"Galatasaray'a yazık oldu" demek zor.. İlk maçı orada 1-1 bitirdiği, buradaki ikinci maçta 2-0 öne geçtiği halde.. Çünkü iki takımın oynadıkları futbola bakınca, hak eden tarafın Hamburg olduğunu kabul etmek zorundasınız.. Futbolda her zaman hak eden mi kazanıyor?.. O ayrı..
Galatasaray'ın orada 1-1 bitirmesi bir mucizeydi. Bu mucizeyi yaratan da, yemeyen Galatasaray değil, akıl almaz goller kaçıran Hamburg'du..
Adamlar bu defa kaçırmadılar..
2-0 yenik duruma düşmelerine, kalan 30 dakika içinde hem de rakip sahada en az iki gol atmak zorunda kalmalarına rağmen paniklemeden, hızlı, canlı ve takım oyununa dayalı futbollarını bozmadan oynadılar ve amaçlarına ulaştılar.
Galatasaray niye kaybetti?..
Bir..
Büyük maçları kazanmak için zaman zaman büyük kalecilere de ihtiyaç olur. Galatasaray kalesinde kaleci yok. De Sanctis kaleci olmadığını her maçta gösteriyor. Ona gösterilen sabır, Aykut'a tanınsaydı yıllardır mesela,
milli takım bir kaleci kazanırdı.
İki.. Galatasaray'ın başında bu maçın yükünü taşıyabilecek bir teknik direktör yok.

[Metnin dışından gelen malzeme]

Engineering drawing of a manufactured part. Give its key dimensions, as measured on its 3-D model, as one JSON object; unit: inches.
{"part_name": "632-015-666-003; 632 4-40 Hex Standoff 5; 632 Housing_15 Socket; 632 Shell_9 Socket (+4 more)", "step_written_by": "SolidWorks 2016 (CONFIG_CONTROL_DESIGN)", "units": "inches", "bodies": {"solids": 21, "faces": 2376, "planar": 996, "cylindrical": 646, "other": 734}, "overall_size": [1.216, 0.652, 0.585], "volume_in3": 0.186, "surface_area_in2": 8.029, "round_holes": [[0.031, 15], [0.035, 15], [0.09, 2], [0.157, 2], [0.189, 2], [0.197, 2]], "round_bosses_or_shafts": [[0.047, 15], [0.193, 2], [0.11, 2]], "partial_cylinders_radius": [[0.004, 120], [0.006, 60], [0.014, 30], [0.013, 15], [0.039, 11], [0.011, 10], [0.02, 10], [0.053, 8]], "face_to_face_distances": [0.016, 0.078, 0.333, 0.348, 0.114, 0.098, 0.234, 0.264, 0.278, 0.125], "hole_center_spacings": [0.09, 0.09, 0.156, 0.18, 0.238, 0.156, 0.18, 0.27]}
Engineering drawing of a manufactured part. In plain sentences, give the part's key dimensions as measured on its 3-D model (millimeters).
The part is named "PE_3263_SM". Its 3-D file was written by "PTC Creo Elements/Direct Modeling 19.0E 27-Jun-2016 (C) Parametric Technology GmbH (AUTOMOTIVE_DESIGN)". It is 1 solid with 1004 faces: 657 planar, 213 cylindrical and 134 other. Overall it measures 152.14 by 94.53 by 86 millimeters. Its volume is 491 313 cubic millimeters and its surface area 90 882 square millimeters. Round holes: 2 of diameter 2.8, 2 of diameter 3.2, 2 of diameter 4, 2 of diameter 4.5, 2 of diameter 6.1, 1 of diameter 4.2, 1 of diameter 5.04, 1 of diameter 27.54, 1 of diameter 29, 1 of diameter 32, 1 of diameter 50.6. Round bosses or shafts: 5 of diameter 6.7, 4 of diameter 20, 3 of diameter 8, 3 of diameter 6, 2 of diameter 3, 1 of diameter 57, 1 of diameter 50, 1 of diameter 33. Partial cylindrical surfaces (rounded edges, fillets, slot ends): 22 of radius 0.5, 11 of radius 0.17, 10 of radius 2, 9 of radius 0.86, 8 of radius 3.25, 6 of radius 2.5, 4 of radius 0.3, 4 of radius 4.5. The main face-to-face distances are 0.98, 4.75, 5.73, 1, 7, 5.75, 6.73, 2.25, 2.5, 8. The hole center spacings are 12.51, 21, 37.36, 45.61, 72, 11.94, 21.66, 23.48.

Bülent çabuk panikledi ve arka arkaya akla sığmaz hatalar yaptı. Hayır.. Lincoln'ü çıkarması değil.. Geç bile kaldı aslında.. Lincoln ruhsuz, Galatasaraylılıkla alakası olmayan biri.. Canı istemezse koşmuyor bile.. Çoğu zaman da istemiyor. Geldiği günden beri üç maç ya oynadı, ya oynamadı.. Maçın başından beri takımı 10 kişi oynatan birisi "Ya bir şey yaparsa" diye oyunda tutulmaz.. Tutulursa ötekilere haksızlık, ötekileri aşağılama olur.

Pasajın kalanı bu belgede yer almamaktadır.